__Task goal__
Print the records below exactly as they appear.

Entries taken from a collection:

****************

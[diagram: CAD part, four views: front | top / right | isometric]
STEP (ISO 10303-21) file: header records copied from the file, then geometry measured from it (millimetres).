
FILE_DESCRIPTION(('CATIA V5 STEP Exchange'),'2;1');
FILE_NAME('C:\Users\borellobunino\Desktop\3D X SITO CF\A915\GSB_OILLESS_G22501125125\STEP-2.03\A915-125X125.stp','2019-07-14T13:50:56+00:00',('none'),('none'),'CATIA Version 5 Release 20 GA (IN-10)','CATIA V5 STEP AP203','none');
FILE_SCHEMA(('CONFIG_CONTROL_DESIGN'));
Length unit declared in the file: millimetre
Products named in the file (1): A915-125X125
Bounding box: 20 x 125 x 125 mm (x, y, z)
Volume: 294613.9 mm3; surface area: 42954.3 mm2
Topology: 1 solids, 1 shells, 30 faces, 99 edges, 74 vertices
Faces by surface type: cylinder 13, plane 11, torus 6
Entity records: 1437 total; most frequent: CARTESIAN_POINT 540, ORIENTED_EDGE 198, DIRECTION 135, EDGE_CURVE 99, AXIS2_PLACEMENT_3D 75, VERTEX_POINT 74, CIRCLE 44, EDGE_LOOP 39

****************

__Exercise answer__
[diagram: CAD part, four views: front | top / right | isometric]
STEP (ISO 10303-21) file: header records copied from the file, then geometry measured from it (millimetres).
FILE_DESCRIPTION(('CATIA V5 STEP Exchange'),'2;1');
FILE_NAME('C:\Users\borellobunino\Desktop\3D X SITO CF\A915\GSB_OILLESS_G22501125125\STEP-2.03\A915-125X125.stp','2019-07-14T13:50:56+00:00',('none'),('none'),'CATIA Version 5 Release 20 GA (IN-10)','CATIA V5 STEP AP203','none');
FILE_SCHEMA(('CONFIG_CONTROL_DESIGN'));
Length unit declared in the file: millimetre
Products named in the file (1): A915-125X125
Bounding box: 20 x 125 x 125 mm (x, y, z)
Volume: 294613.9 mm3; surface area: 42954.3 mm2
Topology: 1 solids, 1 shells, 30 faces, 99 edges, 74 vertices
Faces by surface type: cylinder 13, plane 11, torus 6
Entity records: 1437 total; most frequent: CARTESIAN_POINT 540, ORIENTED_EDGE 198, DIRECTION 135, EDGE_CURVE 99, AXIS2_PLACEMENT_3D 75, VERTEX_POINT 74, CIRCLE 44, EDGE_LOOP 39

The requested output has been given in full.